Touch Of Death said:


> If you stay, we will teach you the secret stuff.



Yeah right...your just hoping I hang around long enough for you to steal my high level secret Chinese pirate ninjer jedi death touch stuff


----------



## Gerry Seymour (Jun 16, 2017)

Buka said:


> To me, MartialTalk is kinda' like chop socky porn. I read posts, not knowing anything about some of the subjects, some I know a little about, some a lot about, some I don't care about....yet - I really like reading everyone's thoughts, frustrations, opinions, loves, hates, and even some of the bullshik.
> 
> I go through my day, working, chilling, whatever, and so much of what is said here runs through my mind at some points throughout my day. There has not been one day that I haven't thought about something concerning Martial Arts since I was in my teens.

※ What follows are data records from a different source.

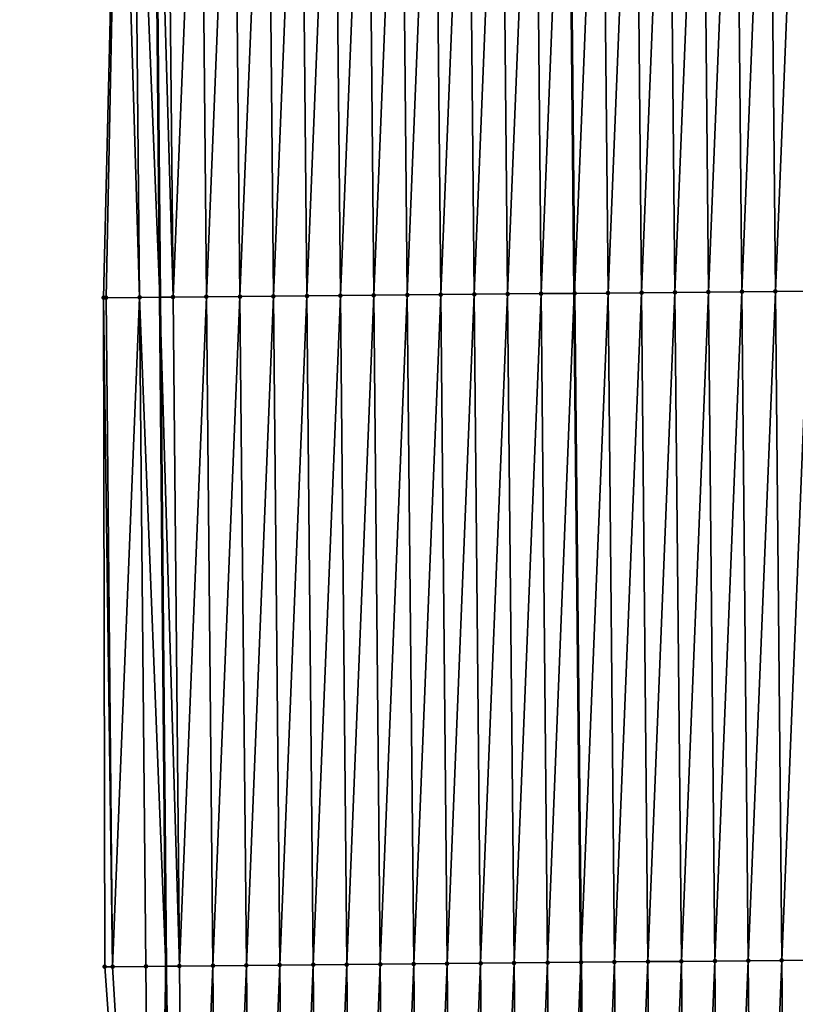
# Model space of a CAD drawing. Header units: feet. Extents: x 2007189 to 2022806, y 818621 to 837694.
# Tile 473 of 656: x 2011332 to 2011355, y 830746 to 830775. Entities that reach past the tile are written whole.
import ezdxf

# ---------------------------------------------------------------- set-up
doc = ezdxf.new("R2010")
doc.units = ezdxf.units.FT
doc.header["$MEASUREMENT"] = 0
for name, color, linetype, lineweight in [('EP_Travel Lane', 172, 'Continuous', 53), ('Road Shots', 141, 'Continuous', 100), ('Road X-Section', 40, 'Continuous', 13), ('STRIPING', 60, 'Continuous', 53)]:
    doc.layers.add(name, color=color, linetype=linetype, lineweight=lineweight)
doc.layers.add('I-77-MM17-21_SB-Surface-Border', color=7, linetype='Continuous')
doc.layers.add('I-77-MM17-21_SB-Surface-TIN', color=7, linetype='Continuous')

msp = doc.modelspace()

# ---------------------------------------------------------------- linework, layer by layer
at = {"layer": 'EP_Travel Lane'}
msp.add_polyline3d([(2011334.890869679, 830926.8194697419, 328.3462590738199), (2011335.114201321, 830906.8209515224, 328.2471406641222), (2011335.337531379, 830886.8225752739, 328.1241626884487), (2011335.560860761, 830866.8242594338, 327.9910895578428), (2011335.747577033, 830846.8676849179, 327.8624220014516), (2011335.927740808, 830826.8687773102, 327.7546426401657), (2011336.107904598, 830806.8698679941, 327.6472077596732), (2011336.288068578, 830786.8709375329, 327.5431673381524), (2011336.468230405, 830766.8722461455, 327.4003307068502), (2011336.648391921, 830746.8735891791, 327.2519640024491), (2011336.828555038, 830726.8747545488, 327.1323691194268), (2011337.008717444, 830706.8759988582, 327.0000259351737), (2011337.188882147, 830686.876988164, 326.9089942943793)], dxfattribs=at)
at = {"layer": 'I-77-MM17-21_SB-Surface-Border', "color": 3, "linetype": 'Continuous', "lineweight": -3}
msp.add_polyline3d([(2011333.542820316, 830686.8430368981, 326.751216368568), (2011335.962372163, 830706.8661963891, 326.9643362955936), (2011336.259068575, 830726.8694134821, 327.1139084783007), (2011334.819829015, 830746.8564750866, 327.1869302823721), (2011334.785086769, 830766.8564941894, 327.3402873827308), (2011335.255585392, 830786.8612606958, 327.5086366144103), (2011334.05727037, 830806.8506572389, 327.5772326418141), (2011335.253691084, 830826.8624472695, 327.7341384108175), (2011333.157678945, 830846.8434077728, 327.7763891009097), (2011334.367708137, 830866.810783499, 327.9576522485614), (2011332.277588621, 830886.788103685, 328.0235506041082), (2011334.321755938, 830906.8119848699, 328.2276932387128), (2011334.609498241, 830926.8162918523, 328.3383683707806)], dxfattribs=at)
at = {"layer": 'I-77-MM17-21_SB-Surface-TIN', "color": 128, "linetype": 'Continuous', "lineweight": -3}
for points in [[(2011334.859331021, 830766.8571876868, 327.3431513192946), (2011335.255585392, 830786.8612606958, 327.5086366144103), (2011334.785086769, 830766.8564941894, 327.3402873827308)], [(2011334.859331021, 830766.8571876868, 327.3431513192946), (2011335.859287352, 830766.8665358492, 327.3804575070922), (2011335.255585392, 830786.8612606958, 327.5086366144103)], [(2011335.859287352, 830766.8665358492, 327.3804575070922), (2011335.667727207, 830786.8651175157, 327.5233826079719), (2011335.255585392, 830786.8612606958, 327.5086366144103)], [(2011335.667727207, 830786.8651175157, 327.5233826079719), (2011336.468230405, 830766.8722461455, 327.4003307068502), (2011336.288068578, 830786.8709375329, 327.5431673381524)], [(2011335.859287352, 830766.8665358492, 327.3804575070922), (2011336.468230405, 830766.8722461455, 327.4003307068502), (2011335.667727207, 830786.8651175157, 327.5233826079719)], [(2011336.859243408, 830766.875912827, 327.4130916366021), (2011336.667683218, 830786.874499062, 327.5552744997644), (2011336.288068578, 830786.8709375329, 327.5431673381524)], [(2011336.859243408, 830766.875912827, 327.4130916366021), (2011336.288068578, 830786.8709375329, 327.5431673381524), (2011336.468230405, 830766.8722461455, 327.4003307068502)], [(2011336.859243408, 830766.875912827, 327.4130916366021), (2011337.667638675, 830786.883938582, 327.5777667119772), (2011336.667683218, 830786.874499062, 327.5552744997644)], [(2011336.859243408, 830766.875912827, 327.4130916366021), (2011337.859198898, 830766.8853488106, 327.4361587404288), (2011337.667638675, 830786.883938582, 327.5777667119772)], [(2011337.859198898, 830766.8853488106, 327.4361587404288), (2011338.667593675, 830786.8934257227, 327.5925378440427), (2011337.667638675, 830786.883938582, 327.5777667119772)], [(2011337.859198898, 830766.8853488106, 327.4361587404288), (2011338.859153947, 830766.8948308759, 327.4517542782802), (2011338.667593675, 830786.8934257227, 327.5925378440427)], [(2011338.859153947, 830766.8948308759, 327.4517542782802), (2011339.667548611, 830786.9029195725, 327.6062211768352), (2011338.667593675, 830786.8934257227, 327.5925378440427)], [(2011338.859153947, 830766.8948308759, 327.4517542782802), (2011339.859108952, 830766.9043174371, 327.4666208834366), (2011339.667548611, 830786.9029195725, 327.6062211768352)], [(2011339.859108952, 830766.9043174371, 327.4666208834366), (2011340.667503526, 830786.9124156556, 327.6195424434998), (2011339.667548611, 830786.9029195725, 327.6062211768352)], [(2011339.859108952, 830766.9043174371, 327.4666208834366), (2011340.85906405, 830766.9137944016, 327.4830434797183), (2011340.667503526, 830786.9124156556, 327.6195424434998)], [(2011340.85906405, 830766.9137944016, 327.4830434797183), (2011341.667458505, 830786.9219049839, 327.6339588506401), (2011340.667503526, 830786.9124156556, 327.6195424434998)], [(2011340.85906405, 830766.9137944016, 327.4830434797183), (2011341.85901913, 830766.9232732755, 327.4991564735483), (2011341.667458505, 830786.9219049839, 327.6339588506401)], [(2011341.85901913, 830766.9232732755, 327.4991564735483), (2011342.667413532, 830786.9313893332, 327.6491826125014), (2011341.667458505, 830786.9219049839, 327.6339588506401)], [(2011341.85901913, 830766.9232732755, 327.4991564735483), (2011342.858974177, 830766.9327554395, 327.5147360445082), (2011342.667413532, 830786.9313893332, 327.6491826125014)], [(2011342.858974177, 830766.9327554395, 327.5147360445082), (2011343.667368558, 830786.9408737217, 327.6643999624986), (2011342.667413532, 830786.9313893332, 327.6491826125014)], [(2011342.858974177, 830766.9327554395, 327.5147360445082), (2011343.858929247, 830766.9422353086, 327.5306876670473), (2011343.667368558, 830786.9408737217, 327.6643999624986)], [(2011343.858929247, 830766.9422353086, 327.5306876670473), (2011344.667323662, 830786.9503500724, 327.680920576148), (2011343.667368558, 830786.9408737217, 327.6643999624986)], [(2011343.858929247, 830766.9422353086, 327.5306876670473), (2011344.858884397, 830766.9517068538, 327.5479889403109), (2011344.667323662, 830786.9503500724, 327.680920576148)], [(2011344.858884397, 830766.9517068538, 327.5479889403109), (2011345.667278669, 830786.9598364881, 327.6958092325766), (2011344.667323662, 830786.9503500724, 327.680920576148)], [(2011344.858884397, 830766.9517068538, 327.5479889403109), (2011345.858839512, 830766.9611819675, 327.564711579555), (2011345.667278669, 830786.9598364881, 327.6958092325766)], [(2011345.858839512, 830766.9611819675, 327.564711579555), (2011346.667233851, 830786.9693046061, 327.7136646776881), (2011345.667278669, 830786.9598364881, 327.6958092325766)], [(2011345.858839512, 830766.9611819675, 327.564711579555), (2011346.858794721, 830766.9706473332, 327.5830147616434), (2011346.667233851, 830786.9693046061, 327.7136646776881)], [(2011346.858794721, 830766.9706473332, 327.5830147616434), (2011347.667189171, 830786.9787584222, 327.7338389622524), (2011346.667233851, 830786.9693046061, 327.7136646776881)], [(2011346.858794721, 830766.9706473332, 327.5830147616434), (2011347.858750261, 830766.9800781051, 327.6069268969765), (2011347.667189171, 830786.9787584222, 327.7338389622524)], [(2011347.858750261, 830766.9800781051, 327.6069268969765), (2011348.654429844, 830786.9880984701, 327.7527127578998), (2011347.667189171, 830786.9787584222, 327.7338389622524)], [(2011347.858750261, 830766.9800781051, 327.6069268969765), (2011348.848474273, 830766.9894156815, 327.6300593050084), (2011348.654429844, 830786.9880984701, 327.7527127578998)], [(2011348.667144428, 830786.9882187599, 327.7529558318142), (2011348.654429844, 830786.9880984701, 327.7527127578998), (2011348.848474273, 830766.9894156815, 327.6300593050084)], [(2011348.85870577, 830766.989512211, 327.6302984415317), (2011349.667099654, 830786.997682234, 327.7715641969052), (2011348.667144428, 830786.9882187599, 327.7529558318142)], [(2011348.85870577, 830766.989512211, 327.6302984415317), (2011348.667144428, 830786.9882187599, 327.7529558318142), (2011348.848474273, 830766.9894156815, 327.6300593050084)], [(2011348.85870577, 830766.989512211, 327.6302984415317), (2011349.858661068, 830766.9989682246, 327.6501179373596), (2011349.667099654, 830786.997682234, 327.7715641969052)], [(2011349.858661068, 830766.9989682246, 327.6501179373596), (2011350.667054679, 830787.0071668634, 327.7867425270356), (2011349.667099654, 830786.997682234, 327.7715641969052)], [(2011349.858661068, 830766.9989682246, 327.6501179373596), (2011350.858616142, 830767.00844761, 327.6661480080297), (2011350.667054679, 830787.0071668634, 327.7867425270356)], [(2011350.858616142, 830767.00844761, 327.6661480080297), (2011351.667009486, 830787.0166741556, 327.798246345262), (2011350.667054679, 830787.0071668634, 327.7867425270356)], [(2011350.858616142, 830767.00844761, 327.6661480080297), (2011351.858571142, 830767.0179347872, 327.6809147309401), (2011351.667009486, 830787.0166741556, 327.798246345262)], [(2011351.858571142, 830767.0179347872, 327.6809147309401), (2011352.666964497, 830787.0261602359, 327.8131894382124), (2011351.667009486, 830787.0166741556, 327.798246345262)], [(2011351.858571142, 830767.0179347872, 327.6809147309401), (2011352.858526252, 830767.0274105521, 327.6975318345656), (2011352.666964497, 830787.0261602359, 327.8131894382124)], [(2011352.858526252, 830767.0274105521, 327.6975318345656), (2011353.666919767, 830787.0356191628, 327.83253503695), (2011352.666964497, 830787.0261602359, 327.8131894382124)], [(2011352.858526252, 830767.0274105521, 327.6975318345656), (2011353.858481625, 830767.0368587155, 327.7186241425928), (2011353.666919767, 830787.0356191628, 327.83253503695)], [(2011353.858481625, 830767.0368587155, 327.7186241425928), (2011354.666875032, 830787.0450786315, 327.8517928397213), (2011353.666919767, 830787.0356191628, 327.83253503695)], [(2011353.858481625, 830767.0368587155, 327.7186241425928), (2011354.858436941, 830767.0463129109, 327.738738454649), (2011354.666875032, 830787.0450786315, 327.8517928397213)], [(2011354.858436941, 830767.0463129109, 327.738738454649), (2011355.66683006, 830787.0545628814, 327.867032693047), (2011354.666875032, 830787.0450786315, 327.8517928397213)], [(2011354.858436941, 830767.0463129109, 327.738738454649), (2011355.858391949, 830767.0557991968, 327.7536496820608), (2011355.66683006, 830787.0545628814, 327.867032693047)], [(2011335.050890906, 830746.8586332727, 327.195860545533), (2011334.859331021, 830766.8571876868, 327.3431513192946), (2011334.785086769, 830766.8564941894, 327.3402873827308)], [(2011335.050890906, 830746.8586332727, 327.195860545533), (2011334.785086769, 830766.8564941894, 327.3402873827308), (2011334.819829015, 830746.8564750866, 327.1869302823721)], [(2011335.050890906, 830746.8586332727, 327.195860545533), (2011335.859287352, 830766.8665358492, 327.3804575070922), (2011334.859331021, 830766.8571876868, 327.3431513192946)], [(2011335.050890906, 830746.8586332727, 327.195860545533), (2011336.050847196, 830746.8679856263, 327.2324864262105), (2011335.859287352, 830766.8665358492, 327.3804575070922)], [(2011335.859287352, 830766.8665358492, 327.3804575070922), (2011336.648391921, 830746.8735891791, 327.2519640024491), (2011336.468230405, 830766.8722461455, 327.4003307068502)], [(2011336.050847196, 830746.8679856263, 327.2324864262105), (2011336.648391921, 830746.8735891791, 327.2519640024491), (2011335.859287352, 830766.8665358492, 327.3804575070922)], [(2011337.05080325, 830746.8773628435, 327.2650810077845), (2011336.859243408, 830766.875912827, 327.4130916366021), (2011336.468230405, 830766.8722461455, 327.4003307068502)], [(2011337.05080325, 830746.8773628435, 327.2650810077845), (2011336.468230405, 830766.8722461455, 327.4003307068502), (2011336.648391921, 830746.8735891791, 327.2519640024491)], [(2011337.05080325, 830746.8773628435, 327.2650810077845), (2011337.859198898, 830766.8853488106, 327.4361587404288), (2011336.859243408, 830766.875912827, 327.4130916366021)], [(2011337.05080325, 830746.8773628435, 327.2650810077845), (2011338.050758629, 830746.8868104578, 327.2862615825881), (2011337.859198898, 830766.8853488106, 327.4361587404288)], [(2011338.050758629, 830746.8868104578, 327.2862615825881), (2011338.859153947, 830766.8948308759, 327.4517542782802), (2011337.859198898, 830766.8853488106, 327.4361587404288)], [(2011338.050758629, 830746.8868104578, 327.2862615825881), (2011339.050713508, 830746.8963102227, 327.2989866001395), (2011338.859153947, 830766.8948308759, 327.4517542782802)], [(2011339.050713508, 830746.8963102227, 327.2989866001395), (2011339.859108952, 830766.9043174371, 327.4666208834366), (2011338.859153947, 830766.8948308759, 327.4517542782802)], [(2011339.050713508, 830746.8963102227, 327.2989866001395), (2011340.050668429, 830746.9058056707, 327.3124115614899), (2011339.859108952, 830766.9043174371, 327.4666208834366)], [(2011340.050668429, 830746.9058056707, 327.3124115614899), (2011340.85906405, 830766.9137944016, 327.4830434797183), (2011339.859108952, 830766.9043174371, 327.4666208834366)], [(2011340.050668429, 830746.9058056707, 327.3124115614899), (2011341.050623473, 830746.9152882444, 327.3279239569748), (2011340.85906405, 830766.9137944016, 327.4830434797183)], [(2011341.050623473, 830746.9152882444, 327.3279239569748), (2011341.85901913, 830766.9232732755, 327.4991564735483), (2011340.85906405, 830766.9137944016, 327.4830434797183)], [(2011341.050623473, 830746.9152882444, 327.3279239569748), (2011342.050578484, 830746.9247741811, 327.3428910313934), (2011341.85901913, 830766.9232732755, 327.4991564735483)], [(2011342.050578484, 830746.9247741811, 327.3428910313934), (2011342.858974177, 830766.9327554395, 327.5147360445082), (2011341.85901913, 830766.9232732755, 327.4991564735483)], [(2011342.050578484, 830746.9247741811, 327.3428910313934), (2011343.050533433, 830746.9342667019, 327.356790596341), (2011342.858974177, 830766.9327554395, 327.5147360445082)], [(2011343.050533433, 830746.9342667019, 327.356790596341), (2011343.858929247, 830766.9422353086, 327.5306876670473), (2011342.858974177, 830766.9327554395, 327.5147360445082)], [(2011343.050533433, 830746.9342667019, 327.356790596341), (2011344.050488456, 830746.9437514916, 327.37194366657), (2011343.858929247, 830766.9422353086, 327.5306876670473)], [(2011344.050488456, 830746.9437514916, 327.37194366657), (2011344.858884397, 830766.9517068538, 327.5479889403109), (2011343.858929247, 830766.9422353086, 327.5306876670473)], [(2011344.050488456, 830746.9437514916, 327.37194366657), (2011345.050443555, 830746.953228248, 327.3883992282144), (2011344.858884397, 830766.9517068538, 327.5479889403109)], [(2011345.050443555, 830746.953228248, 327.3883992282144), (2011345.858839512, 830766.9611819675, 327.564711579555), (2011344.858884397, 830766.9517068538, 327.5479889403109)], [(2011345.050443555, 830746.953228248, 327.3883992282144), (2011346.05039858, 830746.962712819, 327.4035877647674), (2011345.858839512, 830766.9611819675, 327.564711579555)], [(2011346.05039858, 830746.962712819, 327.4035877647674), (2011346.858794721, 830766.9706473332, 327.5830147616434), (2011345.858839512, 830766.9611819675, 327.564711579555)], [(2011346.05039858, 830746.962712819, 327.4035877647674), (2011347.050353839, 830746.9721729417, 327.4227402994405), (2011346.858794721, 830766.9706473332, 327.5830147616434)], [(2011347.050353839, 830746.9721729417, 327.4227402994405), (2011347.858750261, 830766.9800781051, 327.6069268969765), (2011346.858794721, 830766.9706473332, 327.5830147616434)], [(2011347.050353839, 830746.9721729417, 327.4227402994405), (2011348.050309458, 830746.9815955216, 327.4479798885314), (2011347.858750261, 830766.9800781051, 327.6069268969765)], [(2011348.050309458, 830746.9815955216, 327.4479798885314), (2011348.848474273, 830766.9894156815, 327.6300593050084), (2011347.858750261, 830766.9800781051, 327.6069268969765)], [(2011348.050309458, 830746.9815955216, 327.4479798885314), (2011349.042516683, 830746.9909408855, 327.4737052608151), (2011348.848474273, 830766.9894156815, 327.6300593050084)], [(2011348.85870577, 830766.989512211, 327.6302984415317), (2011348.848474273, 830766.9894156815, 327.6300593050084), (2011349.042516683, 830746.9909408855, 327.4737052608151)], [(2011349.050265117, 830746.9910138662, 327.4739061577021), (2011349.858661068, 830766.9989682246, 327.6501179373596), (2011348.85870577, 830766.989512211, 327.6302984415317)], [(2011349.050265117, 830746.9910138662, 327.4739061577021), (2011348.85870577, 830766.989512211, 327.6302984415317), (2011349.042516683, 830746.9909408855, 327.4737052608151)], [(2011349.050265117, 830746.9910138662, 327.4739061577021), (2011350.050220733, 830747.0004367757, 327.4990922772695), (2011349.858661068, 830766.9989682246, 327.6501179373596)], [(2011350.050220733, 830747.0004367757, 327.4990922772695), (2011350.858616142, 830767.00844761, 327.6661480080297), (2011349.858661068, 830766.9989682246, 327.6501179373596)], [(2011350.050220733, 830747.0004367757, 327.4990922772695), (2011351.050175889, 830747.0099076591, 327.5165000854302), (2011350.858616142, 830767.00844761, 327.6661480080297)], [(2011351.050175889, 830747.0099076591, 327.5165000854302), (2011351.858571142, 830767.0179347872, 327.6809147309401), (2011350.858616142, 830767.00844761, 327.6661480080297)], [(2011351.050175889, 830747.0099076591, 327.5165000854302), (2011352.050130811, 830747.019402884, 327.5299612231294), (2011351.858571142, 830767.0179347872, 327.6809147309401)], [(2011352.050130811, 830747.019402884, 327.5299612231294), (2011352.858526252, 830767.0274105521, 327.6975318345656), (2011351.858571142, 830767.0179347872, 327.6809147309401)], [(2011352.050130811, 830747.019402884, 327.5299612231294), (2011353.050085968, 830747.0288736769, 327.5473837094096), (2011352.858526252, 830767.0274105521, 327.6975318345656)], [(2011353.050085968, 830747.0288736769, 327.5473837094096), (2011353.858481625, 830767.0368587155, 327.7186241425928), (2011352.858526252, 830767.0274105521, 327.6975318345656)], [(2011353.050085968, 830747.0288736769, 327.5473837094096), (2011354.050041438, 830747.0383118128, 327.5701010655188), (2011353.858481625, 830767.0368587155, 327.7186241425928)], [(2011354.050041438, 830747.0383118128, 327.5701010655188), (2011354.858436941, 830767.0463129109, 327.738738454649), (2011353.858481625, 830767.0368587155, 327.7186241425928)], [(2011354.050041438, 830747.0383118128, 327.5701010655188), (2011355.049996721, 830747.0477693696, 327.5896696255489), (2011354.858436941, 830767.0463129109, 327.738738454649)], [(2011355.049996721, 830747.0477693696, 327.5896696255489), (2011355.858391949, 830767.0557991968, 327.7536496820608), (2011354.858436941, 830767.0463129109, 327.738738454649)], [(2011355.049996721, 830747.0477693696, 327.5896696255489), (2011356.04995186, 830747.0572420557, 327.6067851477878), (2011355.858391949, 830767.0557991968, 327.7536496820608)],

I like thinking about Martial Arts, it's just something I do, it's part of how I've always approached training.
> 
> ...


Well said, Buka.

Oh, and F you, too.


----------



## Tez3 (Jun 16, 2017)

gpseymour said:


> Oh, and F you, too.



all these promises, I fear I will be disappointed though, far too many miles between us all!


----------



## Martial D (Jun 16, 2017)

Paul_D said:


> That would be ok, trouble is there is little debate.  Certain people post with alarming frequency on any and all topics, even topics which they clearly do not understand and no nothing about, whilst refusing to accept any opinion, no matter how informed, that disagrees with their own.


----------



## Monkey Turned Wolf (Jun 16, 2017)

Martial D said:


>


Pretty much the only topics I see Paul post on are those related to self defense...


----------



## Paul_D (Jun 16, 2017)

Martial D said:


>


Actually my opinion has been changed on two or three key issues since I've been here.  It's one of the reasons I stick around.

As for posting I tend to stick to areas where I at least have some idea of what I'm talking about.  That doesn't mean you have to agree with me, and quite frankly if certain people on here did then I'd know I was doIng something wrong.  Being told you are wrong by people who know what they are talking about will change my opinion, being told by people who don't even understand something a fundamentally basic as the difference between consensual fighting and SD, will not.

Further, you won't find me posting in pretty much 90% of the topics on here.  Unlike some who insist on pontificating on subjects which they clearly (and sometimes openly admit they) don't understand- as just one example,  don't understand kata, don't know how to interpret Kata don't know how to apply kata, and don't train kata, yet the instist on telling people who have used kata in a live SD situation, that it doesn't work.

So, nice try mate, but must try harder.


----------



## JowGaWolf (Jun 16, 2017)

Xue Sheng said:


> Things have changed on MT
> 
> Or it could also be my I don’t have the tolerance I use to have for suffering fools.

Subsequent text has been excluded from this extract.